_To do:_
Identify and pull out each line of the entries in which "slope" occurs.

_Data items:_
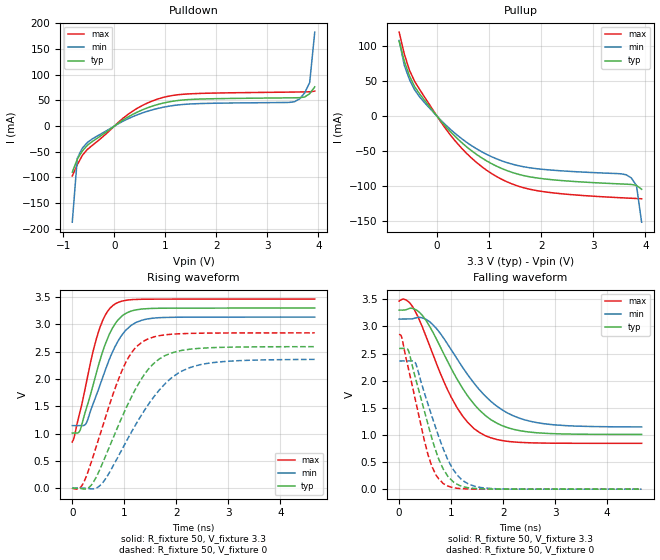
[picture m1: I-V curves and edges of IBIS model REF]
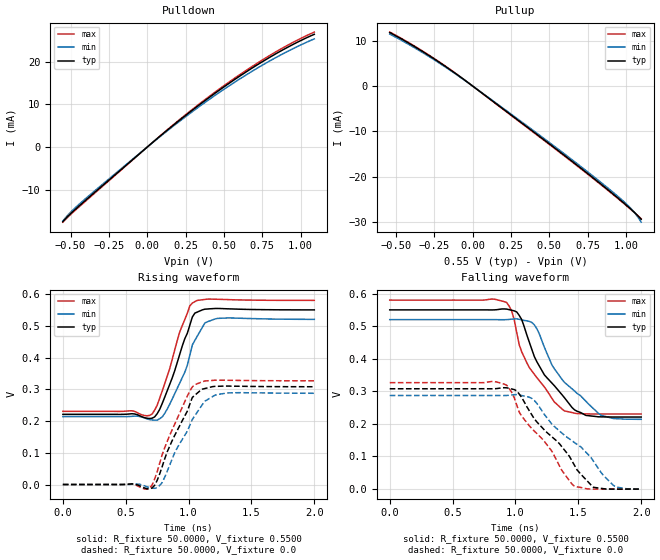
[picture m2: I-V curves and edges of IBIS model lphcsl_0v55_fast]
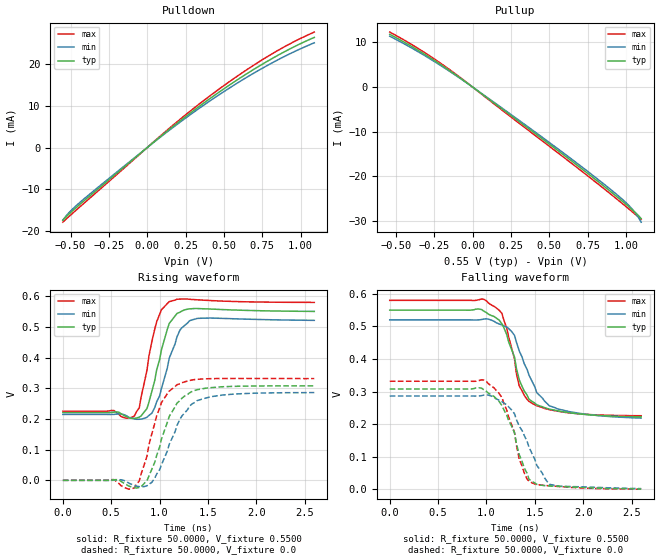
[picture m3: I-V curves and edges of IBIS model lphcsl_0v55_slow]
| Integrated Devices Technolgy, Inc
[IBIS Ver]   4.1
[File name]   9fgl0841.ibs
[File Rev]   1.0
|Rev history   1.0   original ibis data
[Date]   12 October, 2015
[Disclaimer] Integrated Device Technology, Inc. ("IDT") hereby grants the
   user of this ibis model a non-exclusive, nontransferable
   license to use this ibis model under the following terms. the
   user is granted this license only to use the ibis model and is
   not granted rights to sell, copy (except as needed to run the
   ibis model), rent, lease or sub-license the ibis model in
   whole or in part, or in modified form to anyone. the user may
   modify the ibis model to suit its specific applications, but
   rights to derivative works and such modifications shall belong
   to idt. this ibis model is provided on an as is" basis and idt
   makes absolutely no warranty with respect to the information
   contained herein. idt disclaims and customer waives all
   warranties, express and implied, including warranties of
   merchantability and fitness for a particular purpose. the
   entire risk as to quality and performance is with the user
   accordingly, in no event shall idt be liable for any direct or
   indirect damages, whether in contract or tort, including any
   lost profits or other incidental, consequential, exemplary, or
   punitive damages arising out of the use or application of the
   ibis model. further, idt reserves the right to make changes
   without notice to any product herein to improve reliability,
   function, or design. idt does not convey any license under
   patent rights or any other intellectual property rights,
   including those of third parties. idt is not obligated to
   provide maintenance or support for the licensed ibis model.
[Copyright]   Copyright 2012, Integrated Devices Technolgy, Inc. all rights
   reserved
[Component]   9fgl0841
[Manufacturer] Integrated Device Technology, Inc.
[Package]
R_pkg   72.4655m   58.886m   86.045m
L_pkg   1.47175nH   1.11650nH   1.77850nH
C_pkg   0.07747pF   0.07444pF   0.08050pF
[Pin] signal_name  model_name
1   vSS_EN_tri   GND
2   GNDXTAL   GND
3   XIN/CLKIN_25   X1
4   X2   X2
5   VDDXTAL3.3   POWER
6   VDDREF3.3   POWER
7   vSADR/REF3.3   REF
8   GNDREF   GND
9   GNDDIG   GND
10   SCLK_3.3   SCIN
11   SDATA_3.3   SCIN
12   VDDDIG3.3   POWER
13   VDDIO   POWER
14   vOE0#   IN
15   DIF0   LP_HCSL
16   DIF0#   LP_HCSL
17   vOE1#   IN
18   DIF1   LP_HCSL
19   DIF1#   LP_HCSL
20   VDD3.3   POWER
21   VDDIO   POWER
22   GND   GND
23   DIF2   LP_HCSL
24   DIF2#   LP_HCSL
25   vOE2#   IN
26   DIF3   LP_HCSL
27   DIF3#   LP_HCSL
28   vOE3#   IN
29   GNDA   GND
30   VDDA3.3   POWER
31   VDDIO   POWER
32   DIF4   LP_HCSL
33   DIF4#   LP_HCSL
34   vOE4#   IN
35   DIF5   LP_HCSL
36   DIF5#   LP_HCSL
37   vOE5#   IN
38   VDD3.3   POWER
39   VDDIO   POWER
40   GND   GND
41   DIF6   LP_HCSL
42   DIF6#   LP_HCSL
43   vOE6#   IN
44   DIF7   LP_HCSL
45   DIF7#   LP_HCSL
46   vOE7#   IN
47   VDDIO   POWER
48   ^CKPWRGD_PD#   PD
49   ePAD   GND
[Diff Pin]  inv_pin  vdiff tdelay_typ tdelay_min  tdelay_max
15   16   NA   0   0   0
18   19   NA   0   0   0
23   24   NA   0   0   0
26   27   NA   0   0   0
32   33   NA   0   0   0
35   36   NA   0   0   0
41   42   NA   0   0   0
44   45   NA   0   0   0
[Model Selector] LP_HCSL
lphcsl_0v55_fast amplitude 0.55V, slew rate fast
lphcsl_0v55_slow amplitude 0.55V, slew rate slow
lphcsl_0v65_fast amplitude 0.65V, slew rate fast
lphcsl_0v65_slow amplitude 0.65V, slew rate slow
lphcsl_0v7_fast amplitude 0.7V, slew rate fast
lphcsl_0v7_slow amplitude 0.7V, slew rate slow
lphcsl_0v8_fast amplitude 0.8V, slew rate fast
lphcsl_0v8_slow amplitude 0.8V, slew rate slow
| Models and submodels in the file (14): REF (Output), lphcsl_0v55_fast (Output), lphcsl_0v55_slow (Output), lphcsl_0v65_fast (Output), lphcsl_0v65_slow (Output), lphcsl_0v7_fast (Output), lphcsl_0v7_slow (Output), lphcsl_0v8_fast (Output), lphcsl_0v8_slow (Output), SCIN (Input), IN (Input), PD (Input), X1 (Input), X2 (Output)
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[Model]   REF
Model_type   Output
Polarity   Non-Inverting
|   typ   min   max
C_comp   2pF   1.5pF   2.5pF
Vmeas = 1.65V
Rref = 50
Cref = 0
Vref = 1.65V
|   typ   min   max
[Voltage range]   3.3V   3.135V   3.465V
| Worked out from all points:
|   slope of the pulldown table from 0 to 0.495 V, typ, clamps not added: 16.9 ohm
|   slope of the pullup table from 0 to 0.495 V, typ, clamps not added: 12.6 ohm
|   rising waveform, R_fixture 50, V_fixture 3.3: 20-80 % time 450ps typ, 507ps min, 388ps max; typ from 1.01 V to 3.3 V
|   falling waveform, R_fixture 50, V_fixture 3.3: 20-80 % time 857ps typ, 970ps min, 739ps max; typ from 3.3 V to 1.01 V
|   rising waveform, R_fixture 50, V_fixture 0: 20-80 % time 771ps typ, 936ps min, 618ps max; typ from 0 V to 2.59 V
|   falling waveform, R_fixture 50, V_fixture 0: 20-80 % time 472ps typ, 527ps min, 413ps max; typ from 2.59 V to 0 V
[Pulldown]
|Voltage   I (typ)   I (min)   I (max)
|Note, modeling breaks down at 250mA and above.  This is well beyond the functional   |
|operating range of the device.  Should this scenario occur, catastrophic failure and   |
|possible damage to the device and/or board is of higher concern than the I-V curve   |
|behavior.  The IBIS checker will flag currents in excess of 10A with warnings.  Lines   |
|with currents in excess of 0.35 A have been commented out.  The points still remain|
|available to the user if the user desires to use them.   |
|-3.30000e+00   -4.58626e+02   -3.98855e+02   -5.58913e+02
|-3.20100e+00   -4.38670e+02   -3.81813e+02   -5.34126e+02
|-3.10200e+00   -4.18718e+02   -3.64776e+02   -5.09343e+02
|-3.00300e+00   -3.98770e+02   -3.47745e+02   -4.84563e+02
|-2.90400e+00   -3.78827e+02   -3.30720e+02   -4.59787e+02
|-2.80500e+00   -3.58890e+02   -3.13701e+02   -4.35015e+02
|-2.70600e+00   -3.38959e+02   -2.96690e+02   -4.10248e+02
|-2.60700e+00   -3.19035e+02   -2.79688e+02   -3.85486e+02
|-2.50800e+00   -2.99119e+02   -2.62696e+02   -3.60731e+02
|-2.40900e+00   -2.79213e+02   -2.45715e+02   -3.35984e+02
|-2.31000e+00   -2.59319e+02   -2.28747e+02   -3.11245e+02
|-2.21100e+00   -2.39437e+02   -2.11796e+02   -2.86516e+02
|-2.11200e+00   -2.19572e+02   -1.94864e+02   -2.61800e+02
|-2.01300e+00   -1.99726e+02   -1.77955e+02   -2.37100e+02
|-1.91400e+00   -1.79905e+02   -1.61075e+02   -2.12419e+02
|-1.81500e+00   -1.60116e+02   -1.44233e+02   -1.87763e+02
|-1.71600e+00   -1.40369e+02   -1.27441e+02   -1.63140e+02
|-1.61700e+00   -1.20682e+02   -1.10717e+02   -1.38565e+02
|-1.51800e+00   -1.01080e+02   -9.40899e+01   -1.14061e+02
|-1.41900e+00   -8.16135e+01   -7.76121e+01   -8.96701e+01
|-1.32000e+00   -6.23864e+01   -6.13830e+01   -6.54941e+01
|-1.22100e+00   -4.36066e+01   -4.55730e+01   -4.17841e+01
|-1.12200e+00   -2.55446e+01   -3.03740e+01   -1.89497e+01
|-1.02300e+00   -8.13369e+00   -1.57511e+01   -1.01906e+00
|-9.24000e-01   -3.55892e-01   -2.38948e+00   -1.27879e-01
-825mV    -89.74mA   -186.9mA   -97.05mA
-726mV    -64.34mA   -62.46mA   -75.03mA
-627mV    -48.3mA    -42.65mA   -56.86mA
-528mV    -37.22mA   -31.89mA   -45.33mA
363mV     22.88mA    18.45mA    29.33mA
957mV     44.74mA    36.62mA    55.73mA
1.551V    52.05mA    43.3mA     63.04mA
3.531V    55.03mA    47.39mA    66.19mA
3.63V     55.21mA    52.95mA    66.32mA
3.729V    56.59mA    64.36mA    66.46mA
3.828V    63.02mA    84.81mA    66.64mA
3.927V    76.26mA    182.8mA    67.99mA
| 4.02600e+00   9.63336e-02   1.95544e+00   7.56685e-02
| 4.12500e+00   1.29319e-01   1.96109e+01   9.19025e-02
| 4.22400e+00   6.62462e-01   4.21550e+01   1.15435e-01
| 4.32300e+00   1.51637e+01   6.47670e+01   1.37492e-01
| 4.42200e+00   4.22442e+01   8.74545e+01   2.35006e-01
| 4.52100e+00   6.94172e+01   1.10195e+02   8.92943e+00
| 4.62000e+00   9.66780e+01   1.32968e+02   4.35589e+01
| 4.71900e+00   1.23991e+02   1.55761e+02   7.83218e+01
| 4.81800e+00   1.51333e+02   1.78569e+02   1.13180e+02
| 4.91700e+00   1.78693e+02   2.01386e+02   1.48085e+02
| 5.01600e+00   2.06065e+02   2.24210e+02   1.83014e+02
| 5.11500e+00   2.33446e+02   2.47041e+02   2.17958e+02
| 5.21400e+00   2.60834e+02   2.69877e+02   2.52912e+02
| 5.31300e+00   2.88228e+02   2.92717e+02   2.87874e+02
| 5.41200e+00   3.15625e+02   3.15560e+02   3.22841e+02
| 5.51100e+00   3.43027e+02   3.38407e+02   3.57813e+02
| 5.61000e+00   3.70432e+02   3.61256e+02   3.92789e+02
| 5.70900e+00   3.97841e+02   3.84108e+02   4.27769e+02
| 5.80800e+00   4.25252e+02   4.06963e+02   4.62752e+02
| 5.90700e+00   4.52666e+02   4.29821e+02   4.97738e+02
| 6.00600e+00   4.80082e+02   4.52680e+02   5.32727e+02
| 6.10500e+00   5.07501e+02   4.75543e+02   5.67718e+02
| 6.20400e+00   5.34922e+02   4.98407e+02   6.02711e+02
| 6.30300e+00   5.62345e+02   5.21273e+02   6.37705e+02
| 6.40200e+00   5.89770e+02   5.44142e+02   6.72701e+02
| 6.50100e+00   6.17197e+02   5.67013e+02   7.07699e+02
| 6.60000e+00   6.44626e+02   5.89886e+02   7.42698e+02
[Pullup]
|Voltage   I (typ)   I (min)   I (max)
|Note, modeling breaks down at 250mA and above.  This is well beyond the functional   |
|operating range of the device.  Should this scenario occur, catastrophic failure and   |
|possible damage to the device and/or board is of higher concern than the I-V curve   |
|behavior.  The IBIS checker will flag currents in excess of 10A with warnings.  Lines   |
|with currents in excess of 0.35 A have been commented out.  The points still remain|
|available to the user if the user desires to use them.   |
|-3.30000e+00   6.44680e+02   5.51825e+02   8.01095e+02
|-3.20100e+00   6.17254e+02   5.28958e+02   7.66095e+02
|-3.10200e+00   5.89830e+02   5.06093e+02   7.31096e+02
|-3.00300e+00   5.62407e+02   4.83230e+02   6.96098e+02
|-2.90400e+00   5.34987e+02   4.60368e+02   6.61102e+02
|-2.80500e+00   5.07568e+02   4.37509e+02   6.26108e+02
|-2.70600e+00   4.80150e+02   4.14651e+02   5.91115e+02
|-2.60700e+00   4.52735e+02   3.91796e+02   5.56124e+02
|-2.50800e+00   4.25322e+02   3.68942e+02   5.21136e+02
|-2.40900e+00   3.97911e+02   3.46091e+02   4.86149e+02
|-2.31000e+00   3.70503e+02   3.23243e+02   4.51165e+02
|-2.21100e+00   3.43097e+02   3.00397e+02   4.16183e+02
|-2.11200e+00   3.15694e+02   2.77554e+02   3.81204e+02
|-2.01300e+00   2.88295e+02   2.54715e+02   3.46229e+02
|-1.91400e+00   2.60900e+02   2.31881e+02   3.11257e+02
|-1.81500e+00   2.33510e+02   2.09052e+02   2.76290e+02
|-1.71600e+00   2.06127e+02   1.86229e+02   2.41329e+02
|-1.61700e+00   1.78751e+02   1.63415e+02   2.06375e+02
|-1.51800e+00   1.51388e+02   1.40613e+02   1.71432e+02
|-1.41900e+00   1.24042e+02   1.17829e+02   1.36506e+02
|-1.32000e+00   9.67252e+01   9.50724e+01   1.01609e+02
|-1.22100e+00   6.94599e+01   7.23604e+01   6.67700e+01
|-1.12200e+00   4.22820e+01   4.97173e+01   3.20469e+01
|-1.02300e+00   1.51962e+01   2.71494e+01   2.11287e+00
|-9.24000e-01   6.89030e-01   5.34223e+00   1.97623e-01
|-8.25000e-01   1.48916e-01   3.54714e-01   1.54087e-01
-726mV    106.9mA    108.2mA    120.1mA
-627mV    78.63mA    72.64mA    88.74mA
-528mV    57.36mA    52.3mA     65.5mA
-330mV    31.45mA    27.24mA    37.82mA
363mV     -30.02mA   -25.58mA   -36.52mA
957mV     -64.05mA   -54.65mA   -77.43mA
1.353V    -77.99mA   -66.51mA   -94.06mA
1.848V    -87.45mA   -74.38mA   -105.4mA
3.63V     -97.08mA   -83.63mA   -116.9mA
3.729V    -97.47mA   -88.18mA   -117.2mA
3.828V    -98.9mA    -99mA      -117.5mA
3.927V    -104.4mA   -151.4mA   -117.9mA
| 4.02600e+00   -1.15410e-01   -9.65481e-01   -1.19366e-01
| 4.12500e+00   -1.36603e-01   -1.09884e+01   -1.26324e-01
| 4.22400e+00   -3.99361e-01   -2.54841e+01   -1.40663e-01
| 4.32300e+00   -8.17474e+00   -4.04654e+01   -1.58277e-01
| 4.42200e+00   -2.55843e+01   -5.60873e+01   -2.17491e-01
| 4.52100e+00   -4.36450e+01   -7.21990e+01   -4.28595e+00
| 4.62000e+00   -6.24226e+01   -8.86071e+01   -2.64922e+01
| 4.71900e+00   -8.16508e+01   -1.05189e+02   -4.96573e+01
| 4.81800e+00   -1.01115e+02   -1.21884e+02   -7.35635e+01
| 4.91700e+00   -1.20715e+02   -1.38656e+02   -9.78285e+01
| 5.01600e+00   -1.40403e+02   -1.55482e+02   -1.22263e+02
| 5.11500e+00   -1.60149e+02   -1.72350e+02   -1.46794e+02
| 5.21400e+00   -1.79938e+02   -1.89250e+02   -1.71387e+02
| 5.31300e+00   -1.99760e+02   -2.06175e+02   -1.96022e+02
| 5.41200e+00   -2.19606e+02   -2.23121e+02   -2.20688e+02
| 5.51100e+00   -2.39472e+02   -2.40084e+02   -2.45378e+02
| 5.61000e+00   -2.59355e+02   -2.57061e+02   -2.70086e+02
| 5.70900e+00   -2.79251e+02   -2.74051e+02   -2.94808e+02
| 5.80800e+00   -2.99159e+02   -2.91052e+02   -3.19543e+02
| 5.90700e+00   -3.19077e+02   -3.08062e+02   -3.44288e+02
| 6.00600e+00   -3.39003e+02   -3.25080e+02   -3.69042e+02
| 6.10500e+00   -3.58937e+02   -3.42106e+02   -3.93803e+02
| 6.20400e+00   -3.78878e+02   -3.59138e+02   -4.18571e+02
| 6.30300e+00   -3.98826e+02   -3.76177e+02   -4.43346e+02
| 6.40200e+00   -4.18779e+02   -3.93221e+02   -4.68125e+02
| 6.50100e+00   -4.38737e+02   -4.10271e+02   -4.92910e+02
| 6.60000e+00   -4.58699e+02   -4.27325e+02   -5.17700e+02
[Ramp]
|   typ   min   max
dV/dt_r   1.566/0.774n   1.425/0.94n   1.718/0.621n
dV/dt_f   1.396/0.866n   1.212/0.979n   1.595/0.746n
R_load =   50
[Rising Waveform]
R_fixture = 50
V_fixture = 3.3   |Vcc_typ
V_fixture_min = 3.135 |Vcc_min
V_fixture_max = 3.465 |Vcc_max
C_fixture = 0.0p
| Time   typ   min   max
0s        1.008V     1.145V     844.6mV
34.71ps   1.008V     1.145V     923.1mV
154.3ps   1.071V     1.145V     1.413V
275.2ps   1.472V     1.202V     1.956V
479.5ps   2.168V     1.745V     2.789V
635.5ps   2.641V     2.166V     3.174V
823.7ps   3.01V      2.596V     3.375V
1.129ns   3.244V     2.981V     3.453V
1.433ns   3.289V     3.099V     3.463V
4.662ns   3.3V       3.135V     3.465V
[Falling Waveform]
R_fixture = 50
V_fixture = 3.3   |Vcc_typ
V_fixture_min = 3.135 |Vcc_min
V_fixture_max = 3.465 |Vcc_max
C_fixture = 0.0p
| Time   typ   min   max
0s        3.3V       3.135V     3.465V
120.3ps   3.304V     3.135V     3.493V
247.8ps   3.333V     3.138V     3.377V
425ps     3.225V     3.162V     3.038V
624.4ps   2.937V     3.054V     2.545V
1.111ns   2.034V     2.407V     1.506V
1.539ns   1.462V     1.838V     1.048V
1.979ns   1.171V     1.463V     896.3mV
2.515ns   1.052V     1.252V     854.4mV
4.666ns   1.008V     1.146V     844.6mV
[Rising Waveform]
R_fixture = 50
V_fixture = 0
C_fixture = 0.0p
| Time   typ   min   max
0s        23.89nV    60.43nV    30.4nV
191.1ps   -13.44mV   129.7uV    54.48mV
415.8ps   124mV      -13.01mV   625.4mV
623.1ps   548.9mV    147.1mV    1.254V
939.4ps   1.267V     680mV      2.117V
1.156ns   1.708V     1.059V     2.505V
1.348ns   2.027V     1.367V     2.681V
1.787ns   2.43V      1.916V     2.809V
2.339ns   2.554V     2.232V     2.838V
4.662ns   2.593V     2.359V     2.845V
[Falling Waveform]
R_fixture = 50
V_fixture = 0
C_fixture = 0.0p
| Time   typ   min   max
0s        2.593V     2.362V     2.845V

_Result below:_
|   slope of the pulldown table from 0 to 0.495 V, typ, clamps not added: 16.9 ohm
|   slope of the pullup table from 0 to 0.495 V, typ, clamps not added: 12.6 ohm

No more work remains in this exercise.